# carbon seat post - worried about crushing it - too tight?



## acid_rider (Nov 23, 2004)

hello everyone

I just bought my very first carbon road bike with a carbon seat post (Specialized Roubaix Comp 2005). 

I have been warned about not tightening seat post too much else I could crush it. All I have is an Allen-key to tighten it. So how tight is too tight (all jokes aside) ?

Is it really true about "crushing carbon seat post" or should I just use same amount of force as I have on my aluminium seat post? I have not done a good job on my carbon post tightening because it still slides a few mm under my 150 lbs (67 kg) weight when I hit slightly bumpy roads. 

Are there any suggestions or comments on this topic?

Thank you.


----------



## Thorn Bait (Feb 3, 2004)

Tighten it until it doesn't give under your eight under use conditions. If you hear a cracking sound - you have gone too far... 

FWIW, I have a carbon post and tighten it fairly tight (I haven't measured with a torque wrench), but have never had a problem. I think you would have to seriously over do it to get it to crack your tube.


----------



## Waxbytes (Sep 22, 2004)

You know torque wrenches aren't all that expensive, and bicycle parts are. And sometimes when a part fails it can cost a lot more than just the part. Word to the wise.


----------



## Thorn Bait (Feb 3, 2004)

Waxbytes said:


> You know torque wrenches aren't all that expensive, and bicycle parts are. And sometimes when a part fails it can cost a lot more than just the part. Word to the wise.


I knew it was a matter of time before someone brought up the torque wrench. Damn the gold standards... that being said though, it still needs to be tight enough to not move during use, and so you could take the practical route - just make small changes in tightness, if it moves, go a little more, etc.


----------



## acid_rider (Nov 23, 2004)

*thanks.... re torque wrench buying.... which? how much?*

thank you both.....

so what sort of money (approx) are we talking about when buying a torque wrench then? any particular brands? I just need one purely for bicycle purposes, nothing industrial or expensive. Simple and effective.
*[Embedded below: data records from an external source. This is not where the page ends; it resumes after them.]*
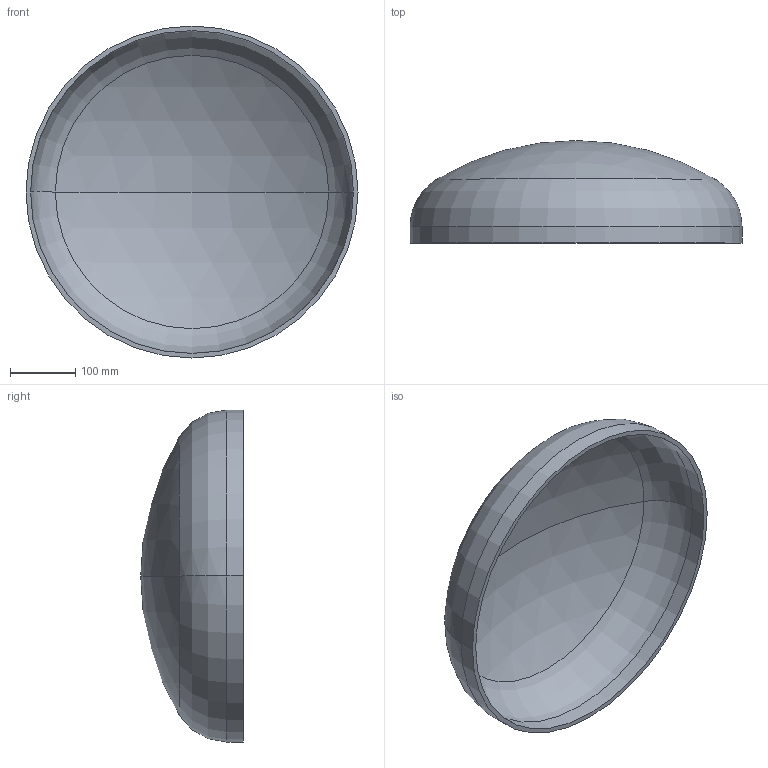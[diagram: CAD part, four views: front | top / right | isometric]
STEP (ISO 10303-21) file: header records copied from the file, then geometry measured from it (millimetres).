
FILE_DESCRIPTION (( 'STEP AP203' ), '1' );
FILE_NAME ('DIN 28013 Korbbogenform_-_Boden DIN 28013 - 508 x 25 - I - s=7.step', '2016-07-01T07:52:02', ( '' ), ( '' ), 'SwSTEP 2.0', 'SolidWorks 2013', '' );
FILE_SCHEMA (( 'CONFIG_CONTROL_DESIGN' ));
Length unit declared in the file: millimetre
Products named in the file (1): DIN 28013 Korbbogenform_-_Boden DIN 28013 - 508 x 25 - I - s=7
Bounding box: 508 x 156.89 x 508 mm (x, y, z)
Volume: 2204020.2 mm3; surface area: 640840 mm2
Topology: 1 solids, 1 shells, 13 faces, 24 edges, 14 vertices
Faces by surface type: torus 4, cylinder 4, sphere 4, plane 1
Entity records: 407 total; most frequent: DIRECTION 72, CARTESIAN_POINT 52, ORIENTED_EDGE 48, AXIS2_PLACEMENT_3D 34, EDGE_CURVE 24, CIRCLE 20, EDGE_LOOP 14, VERTEX_POINT 14

Do I need to buy one from a bicycle shop, ideally?


----------



## oregonewb (Oct 22, 2004)

*Sears Craftsman Beam Torque Wrench*



acid_rider said:


> thank you both.....
> 
> so what sort of money (approx) are we talking about when buying a torque wrench then? any particular brands? I just need one purely for bicycle purposes, nothing industrial or expensive. Simple and effective. Do I need to buy one from a bicycle shop, ideally?


Sears has a simple one for $25. You could spend up to $300 if you got a real fancy one.

(Word to the wise: Don't spend $300.  )


----------



## MerckxTeamSC (Nov 19, 2004)

*Index Finger Rule...*

The mech at my lbs gave me this tip when tightening the bolt on my seatpost clamp for my carbon post... tighten the bolt with the allen key until some resistance is felt... then use only ur index finger to push down the key until ur finger can no only apply anymore torque to tighten the bolt furthur... that the rough guide... i always tighten my bolts wif this rule and have never cracked any thing yet....


----------



## acid_rider (Nov 23, 2004)

thank you all!


----------



## wankski (Jul 24, 2005)

yep, i'm like that.. i'm pretty handy with a torque wrench, but dont have the allen key bits for it... wont get them either... most of these little fiddley bits dont need it. For things that require around 10-15nm, i usually go finger tight, then no more than 1/4 turn. Its pretty safe, and these things have quite a bit of margin for error. Doesn't mean you should go the full 720 degrees tho...


----------



## Jim Nazium (Feb 3, 2004)

*I wouldn't worry*

IMHO, the bolt would snap before you got it tight enough tocrush a carbon seatpost.


----------



## Anti-gravity (Jul 16, 2004)

*Agreed*



Jim Nazium said:


> IMHO, the bolt would snap before you got it tight enough tocrush a carbon seatpost.


It would take a tremendous amount of force (well, more then a seatpost clamp could exert) to actually crush a carbon post. Then main worry is tightening it to the point that it applies a point load that would make the post more likely to break from flexing under your body weight. A torque wrench isn't a bad idea, but not 100% necessary. For the really expensive carbon posts I usually use a torque wrench to cover my own @ss (if a customer breaks his/her post, I can say I torqued it properly, therefore not my fault and they are more likely to get warrantee coverage). When I say really expensive, I mean the rediculously light ones (the Alpha-Q post that weighs around 140g comes to mind). I do the same thing with clamping carbon posts in a repair stand. I'll lightly clamp my own if I'm doing minor maintenance on my bike, but will always put in a cheap Al post at work for the sake of not freaking out customers who seem to think carbon is of similar strength as glass.


----------